That's the drift talking. It's the exact symptom, not a reason to skip. Step 2 exists for this. If you're red on Time, the first move isn't the sprint; it's removing one thing this week. The system buys time back; the absence of one is what's eating it.
"I've tried frameworks before and they didn't stick."
Most don't, because they ask you to change six things at once on borrowed energy. This asks for three, by 10%, with a capacity check up front. Smaller is the feature, not the compromise.
"My business is too small for this."
A single-location operator started with exactly this build: six things deployed in the right order, not all at once. They reached number one on Google Maps in under four months, and about $150K in the first five. The maths doesn't care about your size.
"I'm the bottleneck: everything routes through me."
Then your first metric is almost certainly in Operational Excellence: the number of decisions or jobs that can't move without you touching them. Pick that as one of your three. The sprint's job is to make the business survive your day off.
"I don't know my numbers."
Good. That's your finding from Step 3, and it's the most common one. The first sprint can simply be making three numbers visible. You can't improve what you can't see.
Proof it works
This isn’t theory carried by a nice slide.

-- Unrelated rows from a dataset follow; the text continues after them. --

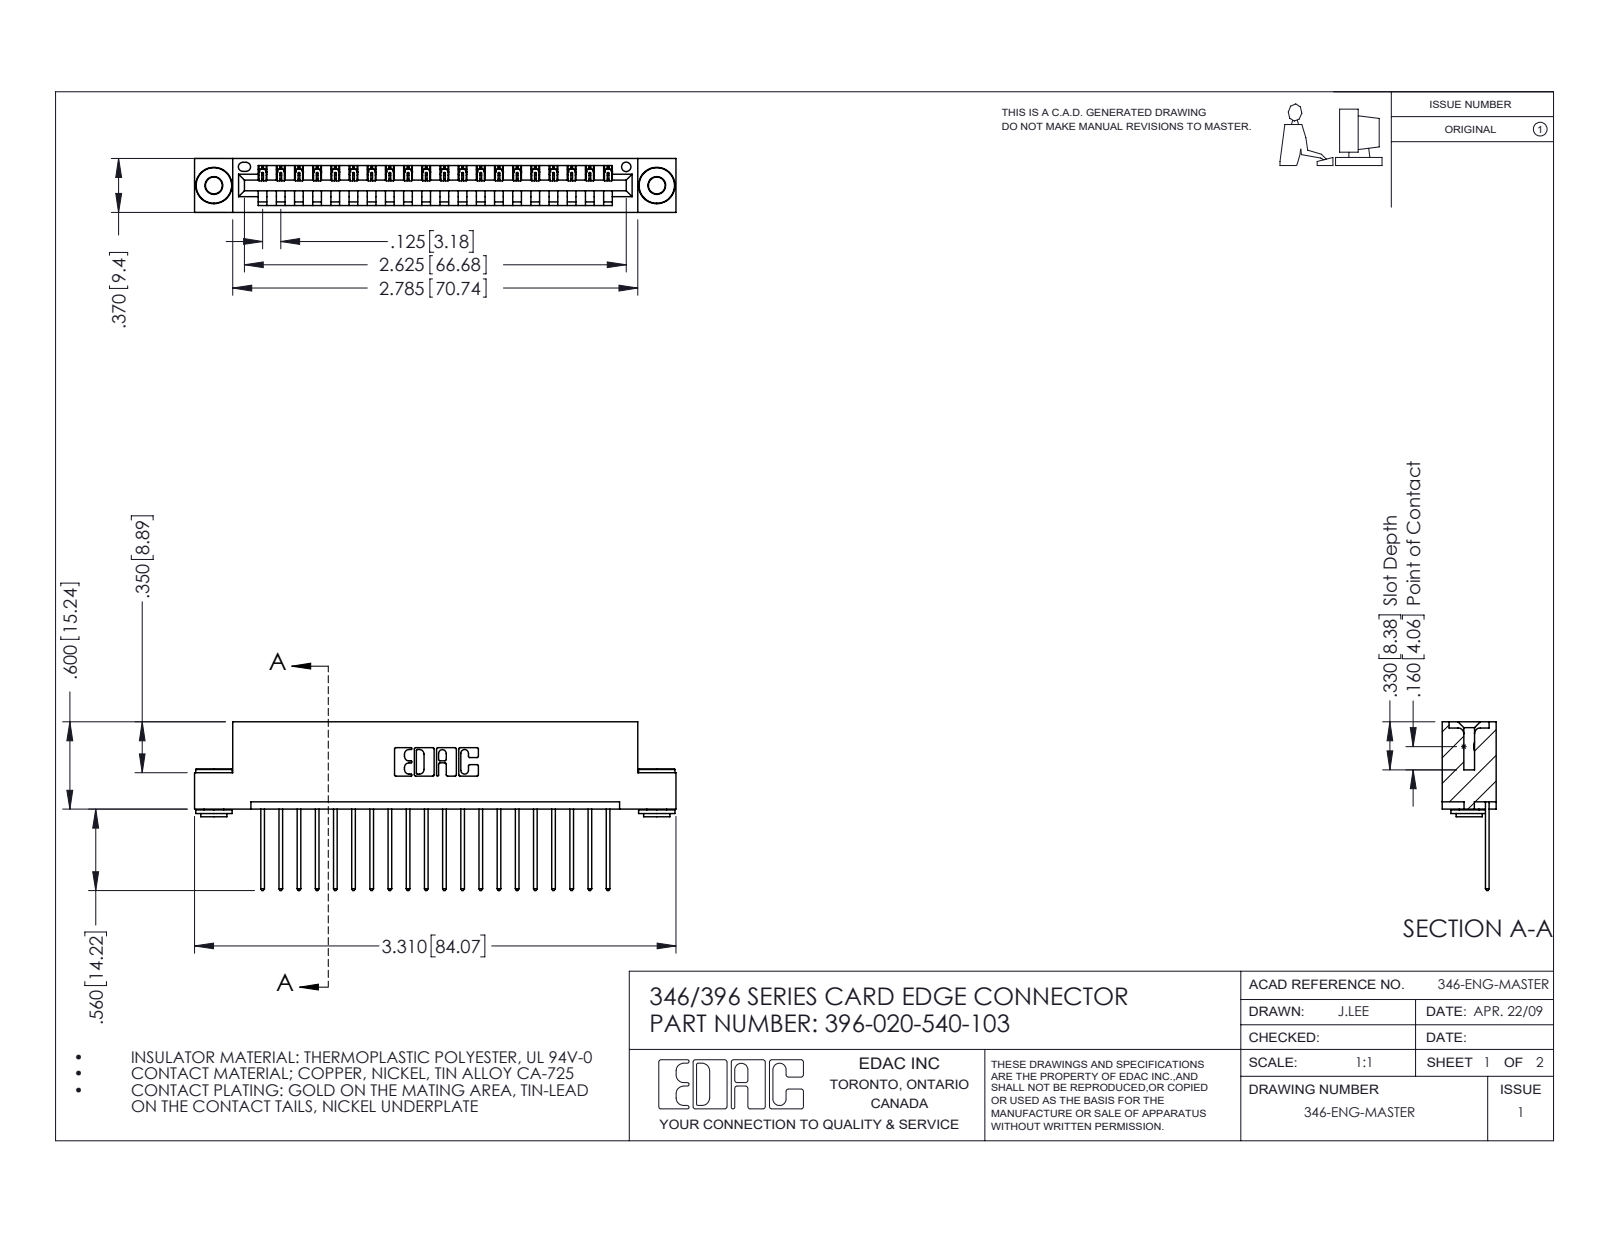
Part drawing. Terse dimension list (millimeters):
name: 346 Part_Flush Mounting Lugs - 0.156 Dia-TH; 396-020-540-103; 345-250-002_345-250-002-102; 345-292-001_345-293-140
written by: SolidWorks 2016 (CONFIG_CONTROL_DESIGN)
unit: mm
bodies: 23 solids, 1320 faces (886 planar, 426 cylindrical, 8 other)
size: 84.1 × 29.5 × 9.4
volume: 7 950 mm³; area: 10 110 mm²
holes: 2× ⌀2.9, 2× ⌀4, 1× ⌀1.6
bosses: 2× ⌀6.4, 2× ⌀4.6, 2× ⌀3.5
rounds: 40× R0.2, 40× R0.3, 22× R0.3, 6× R0.2, 6× R0.8, 3× R0.7, 2× R0.8, 2× R1
face distances: 1.2, 8.2, 6.4, 9.4, 0.6, 1.8, 7.6, 3.8, 5.6, 2.5
hole spacings: 6.2, 72.1, 77.3
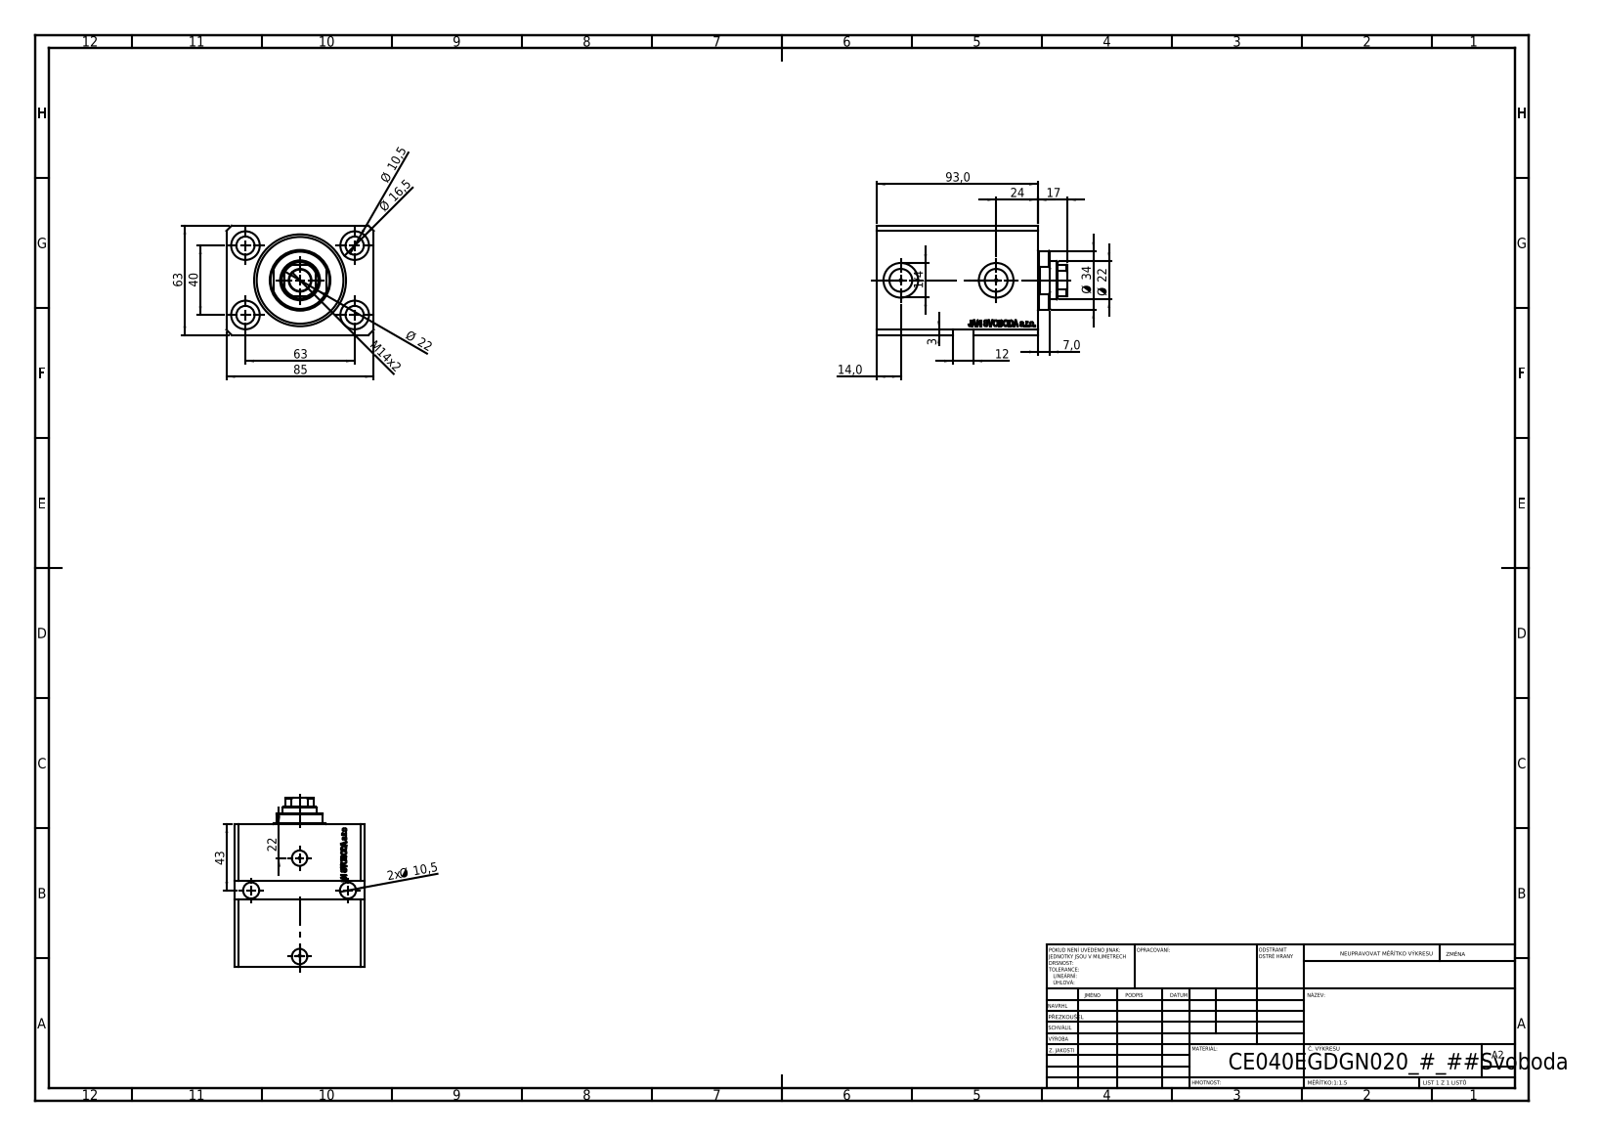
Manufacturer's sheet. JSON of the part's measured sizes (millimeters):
{"part_name": "V250CE_C_VCP; V250CE_E_Body; V250CE_VC_E", "step_written_by": "SolidWorks 2019 (CONFIG_CONTROL_DESIGN)", "units": "millimeters", "bodies": {"solids": 3, "faces": 933, "planar": 463, "cylindrical": 96, "other": 374}, "overall_size": [110, 85, 63], "volume_mm3": 423550, "surface_area_mm2": 88404, "round_holes": [[10.5, 6], [1.25, 4], [16.5, 4], [10, 2], [13.16, 2], [20, 2], [12.5, 1], [22, 1], [40, 1], [53, 1]], "round_bosses_or_shafts": [[34, 1]], "partial_cylinders_radius": [[10.5, 1]], "face_to_face_distances": [63, 85, 93, 17, 76, 11.4, 64.6, 81.6, 56, 44.6], "hole_center_spacings": [37.31, 63, 37.86, 40, 52.88, 53.3, 74.63, 0.53]}

At enterprise scale: an advanced manufacturing company spent 90 days preparing for a single trade show, and walked out of that one week with $20 million in the opportunity pipeline. The week looked like luck. It was a quarter of methodical, compounding work paying off at once.

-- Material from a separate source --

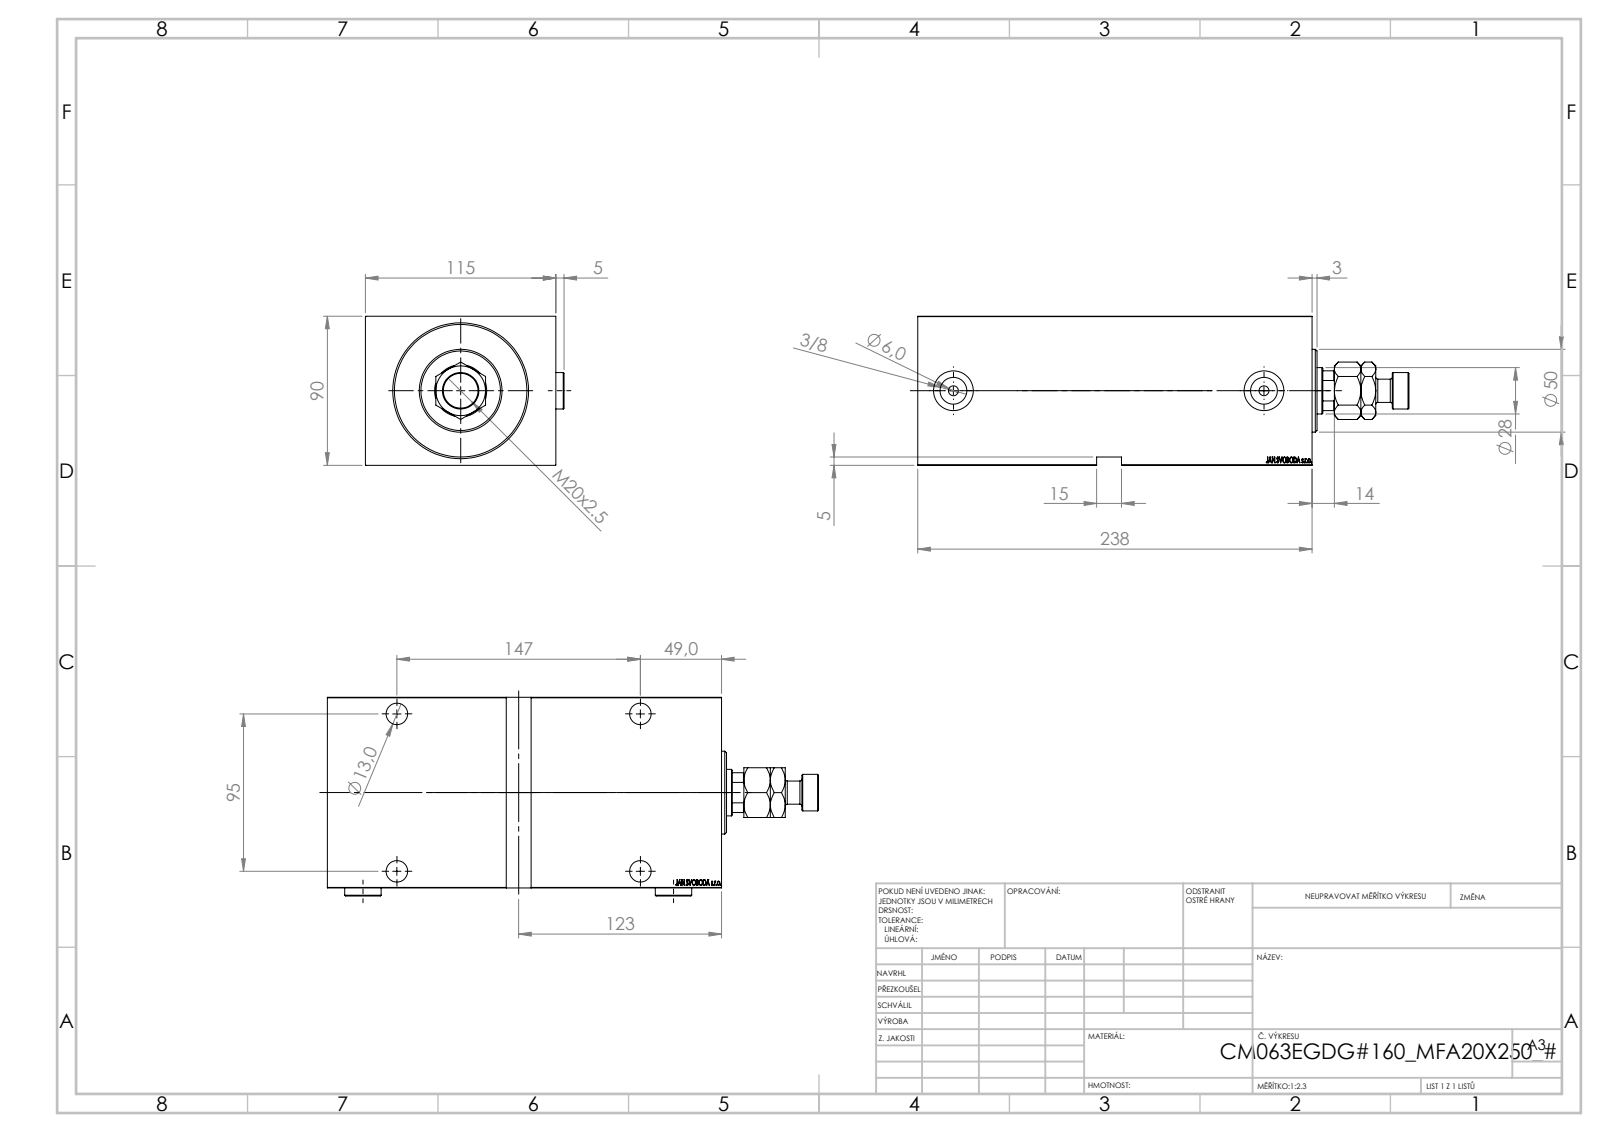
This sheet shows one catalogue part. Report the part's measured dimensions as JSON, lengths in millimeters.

At operator scale: the single-location operator above reached number one on Google Maps in under four months, and about $150K in the first five. Six things, deployed in the right order. Still compounding.
Different worlds. One pattern: stop spreading effort evenly, pick the three that matter, improve them 10%, prove it, repeat.
Your next move
If the results don’t match the effort, the gap is almost always a systems gap, and you can find it in an afternoon, not a quarter.

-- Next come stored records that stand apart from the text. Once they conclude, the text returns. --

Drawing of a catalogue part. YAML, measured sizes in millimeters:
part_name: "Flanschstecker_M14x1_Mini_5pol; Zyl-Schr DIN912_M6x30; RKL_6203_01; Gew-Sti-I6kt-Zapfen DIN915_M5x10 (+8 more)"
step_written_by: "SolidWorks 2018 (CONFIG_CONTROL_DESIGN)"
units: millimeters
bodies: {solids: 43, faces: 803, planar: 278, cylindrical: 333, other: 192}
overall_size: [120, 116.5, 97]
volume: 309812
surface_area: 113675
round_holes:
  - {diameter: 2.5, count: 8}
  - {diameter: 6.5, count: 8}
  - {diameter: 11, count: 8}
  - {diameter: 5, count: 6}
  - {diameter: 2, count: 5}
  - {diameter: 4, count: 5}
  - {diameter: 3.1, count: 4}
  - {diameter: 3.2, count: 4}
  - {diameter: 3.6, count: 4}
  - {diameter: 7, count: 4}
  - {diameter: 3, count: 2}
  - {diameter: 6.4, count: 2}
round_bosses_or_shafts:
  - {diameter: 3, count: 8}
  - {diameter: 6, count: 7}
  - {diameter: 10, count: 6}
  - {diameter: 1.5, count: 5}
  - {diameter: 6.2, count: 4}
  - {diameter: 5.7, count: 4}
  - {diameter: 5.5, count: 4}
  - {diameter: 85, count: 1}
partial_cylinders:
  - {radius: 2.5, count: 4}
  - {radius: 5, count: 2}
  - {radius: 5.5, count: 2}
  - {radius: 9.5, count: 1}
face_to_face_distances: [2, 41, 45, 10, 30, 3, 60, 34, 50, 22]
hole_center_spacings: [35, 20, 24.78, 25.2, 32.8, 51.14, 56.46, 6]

Start with the Constraint Audit: score your six stages and see, with numbers, which three are slipping. Do it before you set this quarter’s plan. Drift compounds quietly in the dark, and another 90 days of “push harder” is the most expensive option on the table.
No pitch, no sales call: just an honest read on where you actually stand.
Action creates evidence. The rest is just methodical execution.
Find the stage. Lift it. Prove it.
About the author. Antony Loomans writes for The Deliverators on the measured systems that turn demand into revenue. This guide is part of the s× metrics series.
Find it. Own it. Make it pay.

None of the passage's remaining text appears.